CHeck the below review:
ASUS PA238Q 23 vs Dell UltraSharp U2312HM 23" | Digital Storm Forums
esp the post 11 by dspillett


----------



## yochan (Jul 15, 2012)

hey how much did dell u2312hm cost n from where?


----------



## Darth Vader (Jul 17, 2012)

yochan said:


> hey how much did dell u2312hm cost n from where?



I bought it for 15,750/ in Chennai, but you can buy for 15k from SMC international.


----------



## summers (Jul 23, 2012)

I contacted Dell directly and they gave me a quote of Rs. 15,023 for U2312HM and Rs. 20,570 for Dell U2412M. Since, i stay in West Bengal, so they will be shipping it through Speed Post.

I think i would go with Dell 2313HM.


----------



## thydigit (Jul 28, 2012)

Hi,
I am looking for monitor for design purpose. Is above mentioned dell models will fit or any other suggestions? Also if possible please post online purchase link. Thanks in advance


----------



## ashintomson (Jul 28, 2012)

am using asus pro art i wont find any problems in my monitor bleeding is not that noticeable ..  dell is also good ... its ur call ...


----------



## summers (Aug 19, 2012)

Finally bought DEll U2312HM for Rs. 15200/- from a Dell reseller. The Monitor is great, though a bit of backlight bleeding is observed at lower left corner.
I am highly satisfied. Thanks all for your suggestions.


----------



## Revolution (Aug 21, 2012)

Is Dell U2312HM good for gaming ?
Heard it got 8ms input lag G2G.
Dell is overprice compared to AOC,LG and other too.
Is LG IPS236V available in India ?


----------



## summers (Aug 24, 2012)

Revolution said:


> Is Dell U2312HM good for gaming ?
> Heard it got 8ms input lag G2G.
> Dell is overprice compared to AOC,LG and other too.
> Is LG IPS236V available in India ?



Yes its good for gaming..you won't notice any sort of ghosting. The 8ms input lag quoted is actual as compared to other brands which quote 2-5ms lag when there actual lag ranges from 5-10ms. Dell is overpriced coz its an IPS panel (and hence 8ms input lag) compared to its peers who offer TN panel. Google for reviews on Dell U2312HM to get an overall picture.

Dell UltraSharp U2312HM, 23” Monitor Review

LG IPS236V is not available in India as of now.U can also go for AOC i2353PH if you want quality for a cheaper price, but u might experience ghosting on some ocassions.


----------



## Naxal (Aug 25, 2012)

Hey, I too have similar panel requirement.

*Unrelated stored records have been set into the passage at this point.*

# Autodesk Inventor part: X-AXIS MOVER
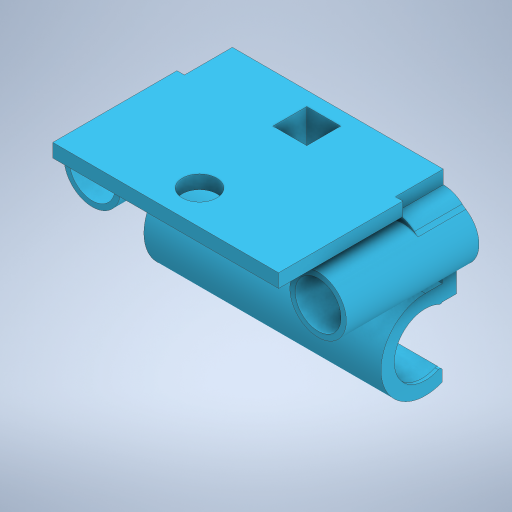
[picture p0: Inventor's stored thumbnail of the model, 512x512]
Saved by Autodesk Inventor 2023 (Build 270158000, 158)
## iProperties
Created: 2025-07
Part Number: X-AXIS MOVER
Material: Generic
Document SubType Name: Modeling
Designer: erjon
Density: 1 g/cm^3
Appearance: Default
Author: erjon
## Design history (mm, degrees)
feature "Base1"
sketch "Sketch1"
  geometry: L1 (-7, 2)-(-7, -1.767); L2 (-10, 9)-(0, 9); L3 (0, 0)-(0, 10.101) reference; L4 (-10, 9)-(0, 9); L5 (0, 10.101)-(-10, 10.101) reference; L6 (-10, 9.148)-(-10, 10.101) reference; L7 (-4, 9.148)-(-10, 9.148) reference; L8 (-4, 9)-(-4, 9.148) reference; L9 (-10, 9)-(-4, 9) reference; L10 (-10, 8)-(-10, 9) reference; L11 (-9.399, 7.335)-(-9.5, 7.5) reference; L12 (-9.308, -3.538)-(-9.241, -3.404) reference; L13 (-5, -5)-(-9, -5) reference; L14 (0, 10.101)-(0, 0) reference; L15 (-4.601, 7.335)-(-4.5, 7.5); L16 (-4, 8)-(-4, 9); L17 (-4.692, -3.538)-(-4.759, -3.404); L18 (-9, -5)-(-5, -5); L19 (-14, 0)-(-14, 10.101); L20 (-14, 10.101)-(-14, 0); L21 (-4, 9)-(-14, 9); L22 (-4, 9)-(-4, 9.148) reference; L23 (-4, 9)-(-14, 9); A1 r 5.85 centre (-7, 2) between (-9.241, -3.404) and (-9.399, 7.335) reference; A2 r 0.5 centre (-9.5, 8) between (-10, 8) and (-9.5, 7.5) reference; A3 r 5.85 centre (-7, 2) between (-9.241, -3.404) and (-9.399, 7.335) reference; A4 r 0.5 centre (-9.5, -4) between (-9.308, -3.538) and (-10, -4) reference; A5 r 1 centre (-9, -4) between (-10, -4) and (-9, -5) reference; A6 r 5 centre (-5, 0) between (-5, -5) and (0, 0) reference; A7 r 5.85 centre (-7, 2) between (-4.601, 7.335) and (-4.759, -3.404); A8 r 0.5 centre (-4.5, 8) between (-4.5, 7.5) and (-4, 8); A9 r 5.85 centre (-7, 2) between (-4.601, 7.335) and (-4.759, -3.404); A10 r 0.5 centre (-4.5, -4) between (-4, -4) and (-4.692, -3.538); A11 r 1 centre (-5, -4) between (-5, -5) and (-4, -4); A12 r 5 centre (-9, 0) between (-14, 0) and (-9, -5); 12 further points
  constraints: 22 end point, 21 symmetric about line, 12 point on circle, 6 centre point, 2 collinear, 2 point on line, 1 horizontal, 1 vertical, 6 other
  node "Projected Loop1"
extrude "Extrusion1" join sketch "Sketch1" stored distance "d0" = 10; taper "d1" = 0 deg
sketch "Sketch2"
  geometry: 1 further point
extrude "Extrusion2" cut sketch "Sketch1" distance "d2" = 100; taper "d3" = 0 deg
sketch "Sketch3"
  geometry: L1 (9.399, 7.335)-(14, 7.335); L2 (14, 7.335)-(14, 9); L3 (14, 9)-(10, 9); L4 (9.399, 7.335)-(9.5, 7.5) reference; L5 (10, 8)-(10, 9) reference; A1 r 0.5 centre (9.5, 8) between (9.5, 7.5) and (10, 8) reference; 1 further point
  constraints: 6 end point, 2 perpendicular, 1 horizontal
extrude "Extrusion3" join sketch "Sketch3" stored distance "d4" = 100; taper "d5" = 0 deg
sketch "Sketch4"
  geometry: L1 (39.682, -15.065)-(39.682, -12.299) reference; L2 (37.364, -1.4)-(37.364, 0) reference; L3 (0, 0)-(37.364, 0) reference; L4 (0, -1.4)-(0, 0) reference; L5 (-2.318, -12.299)-(-2.318, -15.065) reference; L6 (-2.318, -15.065)-(39.682, -15.065) reference; A1 r 5 centre (38.682, -7.4) between (39.682, -12.299) and (41.364, -3.18) reference; A2 r 5 centre (44.047, 1.039) between (40.705, -2.68) and (41.364, -3.18) reference; A3 r 5 centre (37.364, -6.4) between (40.705, -2.68) and (37.364, -1.4) reference; A4 r 5 centre (0, -6.4) between (0, -1.4) and (-3.341, -2.68) reference; A5 r 5 centre (-6.683, 1.039) between (-4, -3.18) and (-3.341, -2.68) reference; A6 r 5 centre (-1.318, -7.4) between (-4, -3.18) and (-2.318, -12.299) reference; 1 further point
extrude "Extrusion4" cut sketch "Sketch4" distance "d6" = 1.5; taper "d7" = 0 deg
sketch "Sketch5"
  geometry: L1 (33.682, -6)-(3.682, -6); L2 (18.682, -6)-(18.682, -12); L3 (39.682, -12)-(-2.318, -12) reference; L4 (18.682, -12)-(15.682, -12); L5 (15.682, -12)-(21.682, -12); L6 (21.682, -12)-(21.682, 0); L7 (37.364, 0)-(0, 0) reference; L8 (21.682, 0)-(15.682, 0); L9 (15.682, 0)-(15.682, -12); A1 r 5 centre (-1.318, -6) between (-2.318, -10.899) and (-4, -1.78) reference; 5 further points
  constraints: 14 end point, 3 perpendicular, 2 midpoint, 2 point on line, 1 horizontal, 1 horizontal alignment, 1 point on circle, 1 other
  dimensions: "d8" = 3 distance of L2.end L4.end; "d9" = 6 distance of L4.end L5.end; "d10" = 6 distance of L6.end L8.end
extrude "Extrusion5" cut sketch "Sketch5" distance "d11" = 6; taper "d12" = 0 deg
sketch "Sketch6"
  geometry: L1 (17, -22)-(1.318, -22) reference; L2 (23, -22)-(17, -22); L3 (17, -28)-(23, -28) reference; L4 (17, -22)-(17, -28); L5 (17, -28)-(23, -28); L6 (23, -28)-(23, -22); 1 further point
  constraints: 8 end point, 2 perpendicular, 1 collinear, 1 horizontal
extrude "Extrusion6" cut sketch "Sketch6" distance "d13" = 6; taper "d14" = 0 deg
sketch "Sketch7"
  geometry: L1 (-6, 0)-(0, 0) reference; L2 (-6, 0)-(-6, -0.8); L3 (-6, -0.148)-(-6, 0) reference; L4 (-6, -0.8)-(4, -0.8); L5 (4, -0.148)-(4, -9.148) reference; L6 (4, -0.8)-(4, 0); L7 (4, 0)-(-6, 0); L8 (4, -0.148)-(-6, -0.148) reference; 1 further point
  constraints: 8 end point, 1 collinear, 1 parallel, 1 perpendicular, 1 point on line, 1 vertical
  dimensions: "d15" = 0.8 distance of L1.start L2.end
extrude "Extrusion7" cut sketch "Sketch7" distance "d16" = 100; taper "d17" = 0 deg
fillet "Fillet1" dims "d18" = 4
sketch "Sketch8"
  geometry: C1 r 4.05 at (0, 0) reference; C2 r 4.1 at (0, 0); C3 r 4.05 at (-40, 0) reference; C4 r 4.1 at (-40, 0); 1 further point
  constraints: 2 centre point, 2 coincident
  dimensions: "d19" = 8.2 diameter of C2; "d20" = 8.2 diameter of C4
extrude "Extrusion8" cut sketch "Sketch8" distance "d21" = 15; taper "d22" = 0 deg
sketch "Sketch9"
  geometry: L1 (-4, -4.8)-(-4, -9.148) reference; L2 (5, -14.148)-(1, -14.148) reference; L3 (5.308, -12.686)-(5.241, -12.552) reference; L4 (5.399, -1.813)-(8.5, -1.813) reference; L5 (8.5, -1.813)-(8.5, 0.953) reference; L6 (8.5, 0.953)-(0, 0.953) reference; L7 (0, 0)-(0, 0.953) reference; L8 (6, 0)-(0, 0) reference; L9 (6, -0.8)-(6, 0) reference; L10 (6, -0.8)-(0, -0.8) reference; L11 (6, -0.8)-(8.5, -0.8); A1 r 4 centre (0, -4.8) between (0, -0.8) and (-4, -4.8) reference; A2 r 5 centre (1, -9.148) between (-4, -9.148) and (1, -14.148) reference; A3 r 1 centre (5, -13.148) between (5, -14.148) and (6, -13.148) reference; A4 r 0.5 centre (5.5, -13.148) between (6, -13.148) and (5.308, -12.686) reference; A5 r 5.85 centre (3, -7.148) between (5.399, -1.813) and (5.241, -12.552) reference; 1 further point
  constraints: 2 end point, 1 perpendicular, 1 point on line
extrude "Extrusion9" cut sketch "Sketch9" distance "d23" = 100; taper "d24" = 0 deg
sketch "Sketch10"
  geometry: L1 (6, -0.8)-(8.5, -0.8) reference; L2 (8.5, -0.8)-(8.5, -0.9); L3 (0, 0)-(0, 0.953) reference; L4 (6, -0.8)-(6, 0) reference; L5 (6, -0.8)-(6, -0.9); L6 (6, -0.9)-(8.5, -0.9); L7 (6, -0.9)-(0, -0.9); L8 (0, -0.9)-(0, -2.9); L9 (0, -2.9)-(8.5, -2.9); L10 (8.5, -0.8)-(8.5, 0.953) reference; L11 (8.5, -2.9)-(8.5, -0.9); L12 (8.5, -2.9)-(8.5, -8.75); L13 (8.5, -8.75)-(3, -8.75); L14 (6, -0.9)-(6, -16.004); L15 (6, -3.728)-(8.5, -3.728); 5 further points
  constraints: 22 end point, 7 perpendicular, 3 vertical, 2 coincident, 2 horizontal, 2 point on line, 6 other
  dimensions: "d25" = 0.1 distance of L1.end L2.end; "d26" = 2 distance of L7.end L8.end; "d27" = 5.85 distance of L9.end L12.end; "d28" = 5.5 distance of L12.end L13.end
extrude "Extrusion10" join sketch "Sketch10" stored distance "d29" = 100; taper "d30" = 0 deg
sketch "Sketch11"
  geometry: L1 (-6, -0.9)-(-6, 0) reference; L2 (-6, 0)-(0, 0) reference; L3 (0, 0)-(0, 0.953) reference; L4 (0, 0.953)-(-8.5, 0.953) reference; L5 (-8.5, -3.728)-(-8.5, 0.953) reference; L6 (-6, -3.728)-(-8.5, -3.728) reference; L7 (-6, -16.004)-(-6, -13.772) reference; L8 (-6, -0.9)-(-3, -0.9) reference; L9 (-6, -0.9)-(-6, -0.9); L10 (-6, -0.9)-(-6, -13.772); C1 r 5.5 at (-3, -8.75); A1 r 5.85 centre (-3, -8.75) between (-6, -13.772) and (-6, -3.728) reference; A2 r 7.85 centre (-3, -8.75) between (-6, -16.004) and (-3, -0.9) reference; 4 further points
  constraints: 4 end point, 2 vertical, 1 centre point, 1 coincident
  dimensions: "d31" = 11 diameter of C1
extrude "Extrusion11" join sketch "Sketch11" distance "d32" = 0.6; taper "d33" = 0 deg
fillet "Fillet2" dims "d34" = 0.5
sketch "Sketch12"
  geometry: C1 r 5.5 at (3, -8.75); A1 r 5.5 centre (3, -8.75) between (5.432, -3.817) and (5.292, -13.75) reference; A2 r 5.85 centre (3, -8.75) between (5.857, -13.855) and (6, -3.728); A3 r 0.5 centre (5.5, -14.204) between (5.857, -13.855) and (5.292, -13.75) reference; A4 r 0.5 centre (5.653, -3.368) between (5.432, -3.817) and (6, -3.728) reference; 1 further point
  constraints: 2 centre point, 2 coincident
extrude "Extrusion12" join sketch "Sketch12" distance "d35" = 0.6; taper "d36" = 0 deg
sketch "Sketch13"
  geometry: L1 (23, 28)-(23, 22) reference; L2 (23, 22)-(17, 22) reference; L3 (17, 22)-(17, 28) reference; L4 (17, 28)-(23, 28) reference; L5 (38.682, 30.5)-(1.318, 30.5) reference; L6 (1.318, 30.5)-(1.318, 22) reference; L7 (1.318, 22)-(0, 22) reference; L8 (0, 22)-(0, 0) reference; L9 (0, 0)-(40, 0) reference; L10 (40, 0)-(40, 22) reference; L11 (40, 22)-(38.682, 22) reference; L12 (38.682, 22)-(38.682, 30.5) reference; C1 r 3.05 at (20, 6) reference; 1 further point
extrude "Extrusion13" join sketch "Sketch13" distance "d37" = 1; taper "d38" = 0 deg
body "Solid1"
node "Projected Loop2"
node "Projected Loop3"
node "Projected Loop4"
node "Projected Loop5"

Check this -> *www.thinkdigit.com/forum/pc-compon...imation-multimedia-student-80k-no-gaming.html

I am looking for a value for money option with lower budget, yes, DVI Connectivity is very much required, what are my options apart from dell and if dell then any cheaper option, value for money product ??


----------



## waiphyohain1988 (Nov 6, 2012)

I also want dell u2312. I am from Mumbai.
Please give me some advice getting one in cost effective way.


----------



## waiphyohain1988 (Nov 9, 2012)

Order dell u2410 through eBay @19700Rs. Yeah


----------



## summers (Nov 11, 2012)

waiphyohain1988 said:


> I also want dell u2312. I am from Mumbai.
> Please give me some advice getting one in cost effective way.



You may contact Dell directly and get a quote from them...or find a Dell reseller in your City.

My advice, take the prices from both of them and go with the cheaper quote.

Dell guys have excellent packaging & shipping.


----------